Extracted material:
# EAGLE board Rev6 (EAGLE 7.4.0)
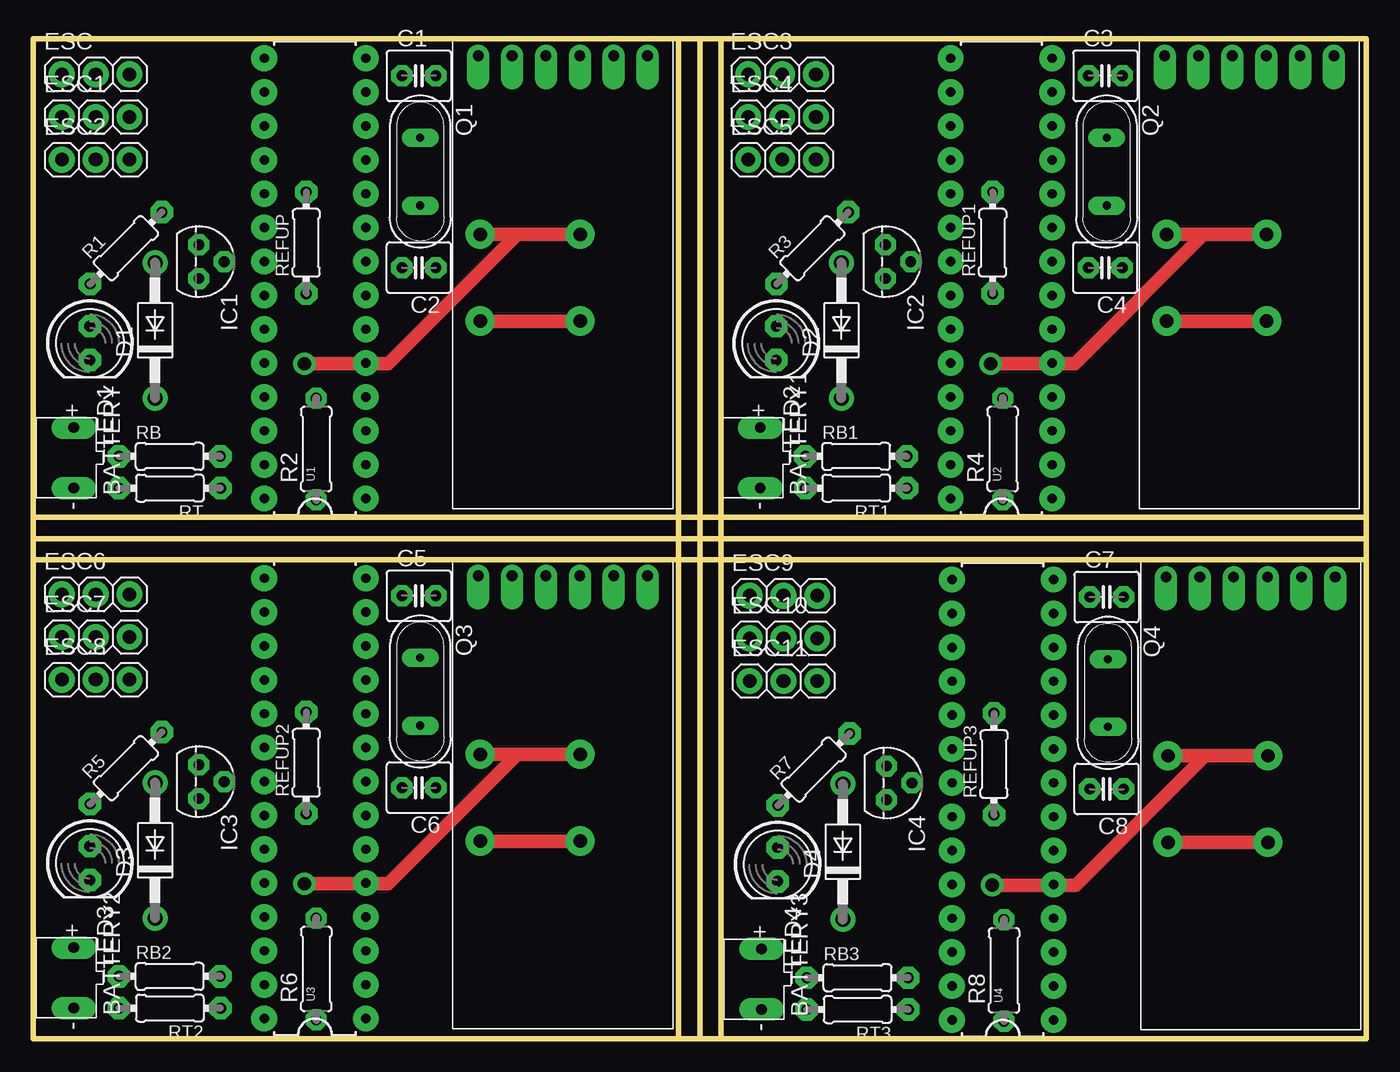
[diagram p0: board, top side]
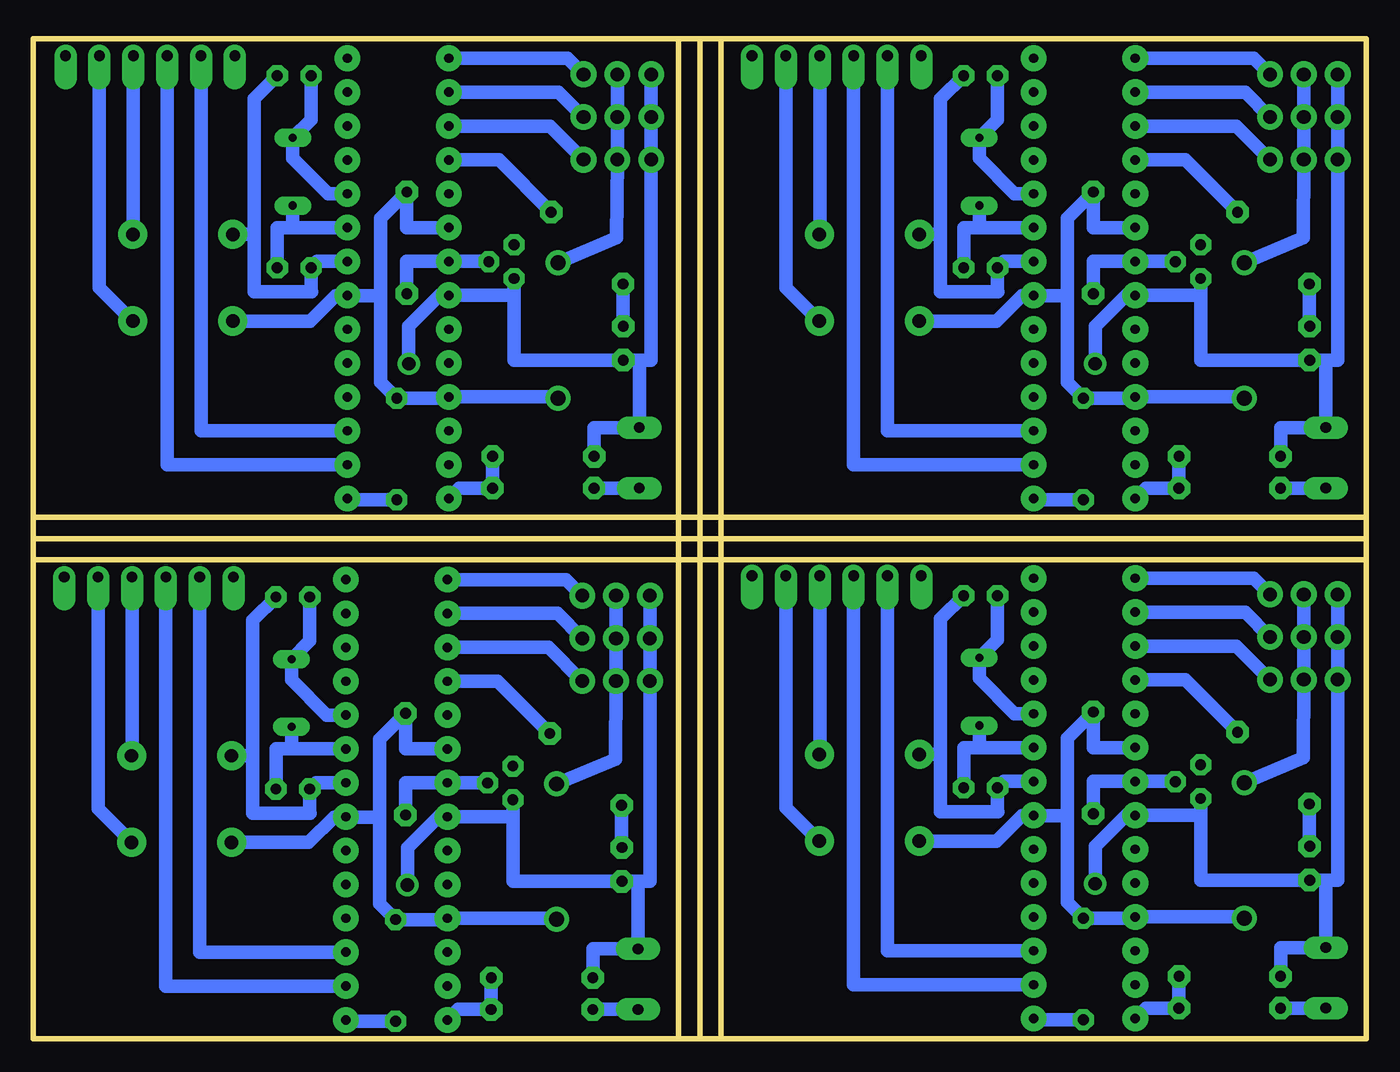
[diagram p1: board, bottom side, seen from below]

Size 100 x 75 mm. Coordinates in mm from the lower left corner, seen from the top.
Outline: 100,35.9 100,0 51.6,0
Outline: 100,35.9 100,37.5
Outline: 100,37.5 100,39.1
Outline: 100,39.1 100,75 51.6,75
Outline: 51.6,75 50,75
Outline: 50,75 48.4,75
Outline: 48.4,75 0,75 0,39
Outline: 48.4,0 0,0 0,35.9
Outline: 48.4,0 50,0
Outline: 50,0 51.6,0
Outline: 0,39 0,37.5
Outline: 0,37.5 0,35.9
Outline: 0,37.5 100,37.5
Outline: 50,0 50,75
Outline: 0,35.9 100,35.9
Outline: 100,39.1 0.1,39.1 0,39
Outline: 51.6,0 51.6,75
Outline: 48.4,75 48.4,0
Copper layers (1*16): Top 0.035mm / dielectric 1.5mm / Bottom 0.035mm
Design rules "default *": minimum track width 10mil, minimum drill 24mil, track to track 15mil, track to pad 15mil, pad to pad 15mil, via to via 15mil, smd to smd 8mil, copper to edge 15mil, drill to drill 8mil, minimum pad ring 15mil, minimum via ring 8mil, stop-mask expansion 4mil, vias tented up to drill 0mil, thermal gap 10mil
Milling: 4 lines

Task item:
Reproduce the lines from the one with "[diagram p0: board, top side]" through the end of the data, keeping both end lines, adding nothing, and dropping any pictures.

Response to the task:
[diagram p0: board, top side]
[diagram p1: board, bottom side, seen from below]

Size 100 x 75 mm. Coordinates in mm from the lower left corner, seen from the top.
Outline: 100,35.9 100,0 51.6,0
Outline: 100,35.9 100,37.5
Outline: 100,37.5 100,39.1
Outline: 100,39.1 100,75 51.6,75
Outline: 51.6,75 50,75
Outline: 50,75 48.4,75
Outline: 48.4,75 0,75 0,39
Outline: 48.4,0 0,0 0,35.9
Outline: 48.4,0 50,0
Outline: 50,0 51.6,0
Outline: 0,39 0,37.5
Outline: 0,37.5 0,35.9
Outline: 0,37.5 100,37.5
Outline: 50,0 50,75
Outline: 0,35.9 100,35.9
Outline: 100,39.1 0.1,39.1 0,39
Outline: 51.6,0 51.6,75
Outline: 48.4,75 48.4,0
Copper layers (1*16): Top 0.035mm / dielectric 1.5mm / Bottom 0.035mm
Design rules "default *": minimum track width 10mil, minimum drill 24mil, track to track 15mil, track to pad 15mil, pad to pad 15mil, via to via 15mil, smd to smd 8mil, copper to edge 15mil, drill to drill 8mil, minimum pad ring 15mil, minimum via ring 8mil, stop-mask expansion 4mil, vias tented up to drill 0mil, thermal gap 10mil
Milling: 4 lines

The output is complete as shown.